10-803: Markov Logic Networks

Machine Learning Department, Carnegie Mellon University

Semester: Fall 2008
Class meets: Thursdays 3:00-4:20 in Wean Hall 5409
Instructor: Pedro Domingos
Office Hours: Thursdays 2:00-3:00
Office: Wean Hall 5317
Course Secretary: Sharon Cavlovich
Mailing List: 10803-students at cs dot cmu dot edu

Course Summary

Modern AI/machine learning applications are characterized by high degrees of complexity and uncertainty. Complexity is well handled by first-order logic, and uncertainty by probabilistic graphical models. What has been sorely missing is a seamless combination of the two. Markov logic networks (MLNs) provide this by attaching weights to logical formulas and treating them as templates for features of Markov random fields. This course covers MLN representation, inference, learning and applications. Inference techniques covered include satisfiability testing, auxiliary-variable MCMC, and lifted belief propagation. Learning includes voted perceptrons, second-order techniques, pseudo-likelihood, inductive logic programming, predicate invention, and transfer learning. Applications include information extraction and integration, natural language processing, robot mapping, social networks, computational biology, and others. The algorithms covered are available in the open-source Alchemy package (alchemy.cs.washington.edu). In the class project, students will apply Alchemy to problems they're interested in, or develop new inference or learning algorithms for MLNs using the Alchemy infrastructure. The class is intended for graduate students (MS or PhD). Previous knowledge of AI/ML (particularly logic and probability) is helpful, but not necessary; the class is designed to be self-contained.
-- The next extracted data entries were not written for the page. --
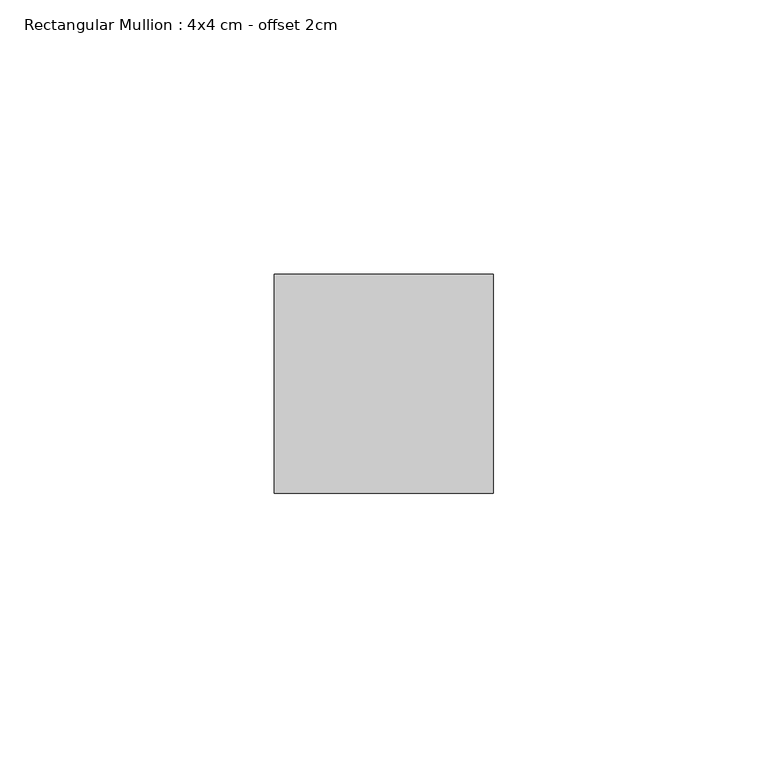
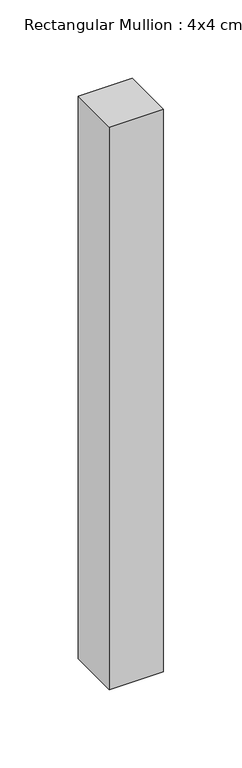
"""IFC4 building model written with IfcOpenShell, lengths in millimetres: member geometry, Rectangular Mullion : 4x4 cm - offset 2cm."""

import ifcopenshell
import ifcopenshell.guid

model = None  # the IFC model being written
_history = None  # IfcOwnerHistory: only IFC2X3 demands one
_inside = {}  # id of a spatial element -> (the spatial element, [elements in it])
_under = {}  # id of a project, library or spatial element -> (it, [spatial elements below it])
_declared = {}  # id of a project -> (the project, [libraries it declares])
_typed = {}  # id of a type object -> (the type object, [elements of that type])
_made_of = {}  # id of a material, layer set ... -> (it, [elements and type objects made of it])


def new_model(schema):
    """Start an empty IFC model of exactly this schema.

    Asked for "IFC4X3", IfcOpenShell would pick the latest addendum, in which some entities
    have other attributes; the version numbers below select the first issue.
    IFC2X3 requires an IfcOwnerHistory on every rooted entity: one is made here for all.
    """
    global model, _history
    if schema == "IFC4X3":
        model = ifcopenshell.file(schema_version=(4, 3, 0, 0))
    else:
        model = ifcopenshell.file(schema=schema)
    _inside.clear()
    _under.clear()
    _declared.clear()
    _typed.clear()
    _made_of.clear()
    _history = None
    if model.schema == "IFC2X3":
        org = make("IfcOrganization", Name="unknown")
        user = make(
            "IfcPersonAndOrganization",
            ThePerson=make("IfcPerson", FamilyName="unknown"),
            TheOrganization=org,
        )
        app = make(
            "IfcApplication",
            ApplicationDeveloper=org,
            Version="unknown",
            ApplicationFullName="unknown",
            ApplicationIdentifier="unknown",
        )
        _history = make(
            "IfcOwnerHistory",
            OwningUser=user,
            OwningApplication=app,
            ChangeAction="ADDED",
            CreationDate=0,
        )
    return model


def make(cls, **values):
    """One entity of the class cls with the attributes given. An attribute that is None is left unset."""
    return model.create_entity(
        cls, **{name: value for name, value in values.items() if value is not None}
    )


def rooted(cls, **values):
    """An entity with a GlobalId (a new one), such as an element, a storey or a relation."""
    return make(cls, GlobalId=ifcopenshell.guid.new(), OwnerHistory=_history, **values)


def si_unit(unit_type, name, prefix=None):
    """IfcSIUnit, for example si_unit("LENGTHUNIT", "METRE", prefix="MILLI")."""
    return make("IfcSIUnit", UnitType=unit_type, Prefix=prefix, Name=name)


def assignment(units):
    """IfcUnitAssignment: the units of a project."""
    return None if units is None else make("IfcUnitAssignment", Units=units)


def point(xyz):
    """IfcCartesianPoint."""
    return None if xyz is None else make("IfcCartesianPoint", Coordinates=xyz)


def direction(xyz):
    """IfcDirection."""
    return None if xyz is None else make("IfcDirection", DirectionRatios=xyz)


def frame(location, z_axis=None, x_axis=None):
    """IfcAxis2Placement3D, a coordinate frame: its origin and axes. An axis left out is left unset."""
    return make(
        "IfcAxis2Placement3D",
        Location=point(location),
        Axis=direction(z_axis),
        RefDirection=direction(x_axis),
    )


def origin():
    """The frame at (0, 0, 0) with its axes left unset."""
    return frame((0.0, 0.0, 0.0))


def place(relative_to, where):
    """IfcLocalPlacement: puts the frame where relative to a parent placement (None: the world)."""
    return make(
        "IfcLocalPlacement", PlacementRelTo=relative_to, RelativePlacement=where
    )


def context(
    kind, dimensions, precision=None, world=None, true_north=None, identifier=None
):
    """IfcGeometricRepresentationContext, for example the 3D "Model" context."""
    return make(
        "IfcGeometricRepresentationContext",
        ContextIdentifier=identifier,
        ContextType=kind,
        CoordinateSpaceDimension=dimensions,
        Precision=precision,
        WorldCoordinateSystem=world,
        TrueNorth=true_north,
    )


def project(units=None, contexts=None):
    """IfcProject with its units and contexts."""
    return rooted(
        "IfcProject",
        Name="project",
        RepresentationContexts=contexts,
        UnitsInContext=assignment(units),
    )


def spatial(cls, under=None, at=None, **own):
    """A site, building, storey or space (cls), placed at a placement, below another one or the project."""
    s = rooted(cls, ObjectPlacement=at, **own)
    if under is not None:
        _under.setdefault(under.id(), (under, []))[1].append(s)
    return s


def polyline(points):
    """IfcPolyline through the points."""
    return make("IfcPolyline", Points=[point(p) for p in points])


def outline(outer, holes=None, kind="AREA"):
    """IfcArbitraryClosedProfileDef: a profile drawn as a closed curve; with holes, ...WithVoids."""
    if holes is None:
        return make("IfcArbitraryClosedProfileDef", ProfileType=kind, OuterCurve=outer)
    return make(
        "IfcArbitraryProfileDefWithVoids",
        ProfileType=kind,
        OuterCurve=outer,
        InnerCurves=holes,
    )


def extrude(swept, where, along, depth):
    """IfcExtrudedAreaSolid: the profile swept, set in the frame where, extruded along a direction by depth."""
    return make(
        "IfcExtrudedAreaSolid",
        SweptArea=swept,
        Position=where,
        ExtrudedDirection=direction(along),
        Depth=depth,
    )


def shape(context_of_items, identifier, shape_type, items):
    """IfcShapeRepresentation: the items that make up one representation, for example the "Body"."""
    return make(
        "IfcShapeRepresentation",
        ContextOfItems=context_of_items,
        RepresentationIdentifier=identifier,
        RepresentationType=shape_type,
        Items=items,
    )


def source(mapping_origin, context_of_items, identifier, shape_type, items):
    """IfcRepresentationMap: a shape defined once, which mapped items show again and again."""
    return make(
        "IfcRepresentationMap",
        MappingOrigin=mapping_origin,
        MappedRepresentation=shape(context_of_items, identifier, shape_type, items),
    )


def transform(
    local_origin,
    x_axis=None,
    y_axis=None,
    z_axis=None,
    scale=None,
    scale2=None,
    scale3=None,
    uniform=True,
):
    """IfcCartesianTransformationOperator3D, or its non-uniform kind. x_axis, y_axis, z_axis: its Axis1, 2, 3."""
    if uniform:
        return make(
            "IfcCartesianTransformationOperator3D",
            Axis1=direction(x_axis),
            Axis2=direction(y_axis),
            LocalOrigin=point(local_origin),
            Scale=scale,
            Axis3=direction(z_axis),
        )
    return make(
        "IfcCartesianTransformationOperator3DnonUniform",
        Axis1=direction(x_axis),
        Axis2=direction(y_axis),
        LocalOrigin=point(local_origin),
        Scale=scale,
        Axis3=direction(z_axis),
        Scale2=scale2,
        Scale3=scale3,
    )


def mapped(mapping_source, mapping_target):
    """IfcMappedItem: shows the shape of a source again, moved by a transform."""
    return make(
        "IfcMappedItem", MappingSource=mapping_source, MappingTarget=mapping_target
    )


def made_of(thing, what):
    """Note that an element or type object is made of a material, layer set ...; save() writes the relation."""
    if what is not None:
        _made_of.setdefault(what.id(), (what, []))[1].append(thing)
    return thing


def element(
    cls,
    number,
    at=None,
    inside=None,
    cuts=None,
    type_object=None,
    material=None,
    context=None,
    identifier="Body",
    shape_type=None,
    held_by="IfcProductDefinitionShape",
    body=None,
    shapes=None,
    **own,
):
    """One element of the class cls, such as IfcWall. Its Tag is "e" and its number.

    at: its placement. inside: the storey or other place that contains it. cuts: it is an
    opening in that element (IfcRelVoidsElement). A single representation is given by context,
    identifier, shape_type and body (its items); several are given by shapes. held_by: the class
    of the entity that holds the representations. save() writes the other relations.
    """
    e = rooted(cls, Tag="e%d" % number, ObjectPlacement=at, **own)
    if body is not None:
        shapes = [shape(context, identifier, shape_type, body)]
    if shapes is not None:
        e.Representation = make(held_by, Representations=shapes)
    if inside is not None:
        _inside.setdefault(inside.id(), (inside, []))[1].append(e)
    if cuts is not None:
        rooted(
            "IfcRelVoidsElement", RelatingBuildingElement=cuts, RelatedOpeningElement=e
        )
    if type_object is not None:
        _typed.setdefault(type_object.id(), (type_object, []))[1].append(e)
    return made_of(e, material)


def aggregate(whole, parts):
    """IfcRelAggregates: a whole, such as a stair, and the parts it consists of."""
    return rooted("IfcRelAggregates", RelatingObject=whole, RelatedObjects=parts)


def save(model, path):
    """Write the relations noted so far, then the file.

    IfcRelAggregates (storeys below a building ...), IfcRelContainedInSpatialStructure (elements
    in a storey), IfcRelDefinesByType, IfcRelAssociatesMaterial and IfcRelDeclares: one each for
    every whole, place, type object, material and project.
    """
    for whole, parts in _under.values():
        aggregate(whole, parts)
    for where, things in _inside.values():
        rooted(
            "IfcRelContainedInSpatialStructure",
            RelatedElements=things,
            RelatingStructure=where,
        )
    for kind, things in _typed.values():
        rooted("IfcRelDefinesByType", RelatedObjects=things, RelatingType=kind)
    for what, things in _made_of.values():
        rooted("IfcRelAssociatesMaterial", RelatedObjects=things, RelatingMaterial=what)
    for by, libraries in _declared.values():
        rooted("IfcRelDeclares", RelatingContext=by, RelatedDefinitions=libraries)
    model.write(path)


def rectangular_mullion_4x4_cm_offset_2cm_71549611(model_context):
    return source(origin(), model_context, "Body", "SweptSolid", [
        extrude(outline(polyline([(0.0, 40.0), (0.0, 0.0), (-40.0, 0.0), (-40.0, 40.0), (0.0, 40.0)])), frame((0.0, 0.0, -439.9999997), z_axis=(0.0, 0.0, 1.0), x_axis=(1.0, 0.0, 0.0)), (0.0, 0.0, 1.0), 439.9999997),
    ])


if __name__ == "__main__":
    model = new_model("IFC4")
    model_context = context("Model", 3, world=origin())
    ifc_project = project(units=[si_unit("LENGTHUNIT", "METRE", prefix="MILLI")], contexts=[model_context])
    site = spatial("IfcSite", under=ifc_project)
    building = spatial("IfcBuilding", under=site)
    placement = place(None, origin())
    rectangular_mullion_4x4_cm_offset_2cm_shape = rectangular_mullion_4x4_cm_offset_2cm_71549611(model_context)
    element("IfcMember", 1, ObjectType="Rectangular Mullion : 4x4 cm - offset 2cm", at=placement, inside=building, context=model_context, shape_type="MappedRepresentation", body=[
        mapped(rectangular_mullion_4x4_cm_offset_2cm_shape, transform((0.0, 0.0, 0.0), x_axis=(1.0, 0.0, 0.0), y_axis=(0.0, 1.0, 0.0), z_axis=(0.0, 0.0, 1.0))),
    ])
    save(model, "model.ifc")

Date Topics & Slides Readings Project
Sept. 11 Introduction Chapter 1 -
Sept. 18 Markov networks Section 2.2 -
Sept. 25 First-order logic and inductive logic programming Section 2.1 -
Oct. 2 Markov logic and other SRL approaches Sections 2.3 and 2.4 -
Oct. 9 Markov logic (contd.) Sections 2.3 and 2.4 Proposals due
Oct. 16 Applications of Markov logic Chapter 6, Alchemy tutorial -
Oct. 23 Weight learning Section 4.1 -
Oct. 30 Applications of Markov logic (contd.) Chapter 6, Alchemy tutorial -
Nov. 6 Inference Chapter 3 Progress reports due
Nov. 13 Inference (contd.) Chapter 3 -
Nov. 20 Structure learning Sections 4.2, 4.3 and 4.4 -
Nov. 27 Thanksgiving (no lecture) - -
Dec. 4 Project presentations - Final reports due


Pedro Domingos and Daniel Lowd, Markov Logic: An Interface Layer for AI, Morgan & Claypool, 2008.
(This book has not been published yet; it will be distributed to the class.)


The MLN algorithms covered in class are implemented in the Alchemy package.


Class evaluation will be by means of a project. Projects can be done individually or in groups of two (or more, with permission of the instructor). Possible projects include applying MLNs in a domain of interest to you and developing new MLN algorithms.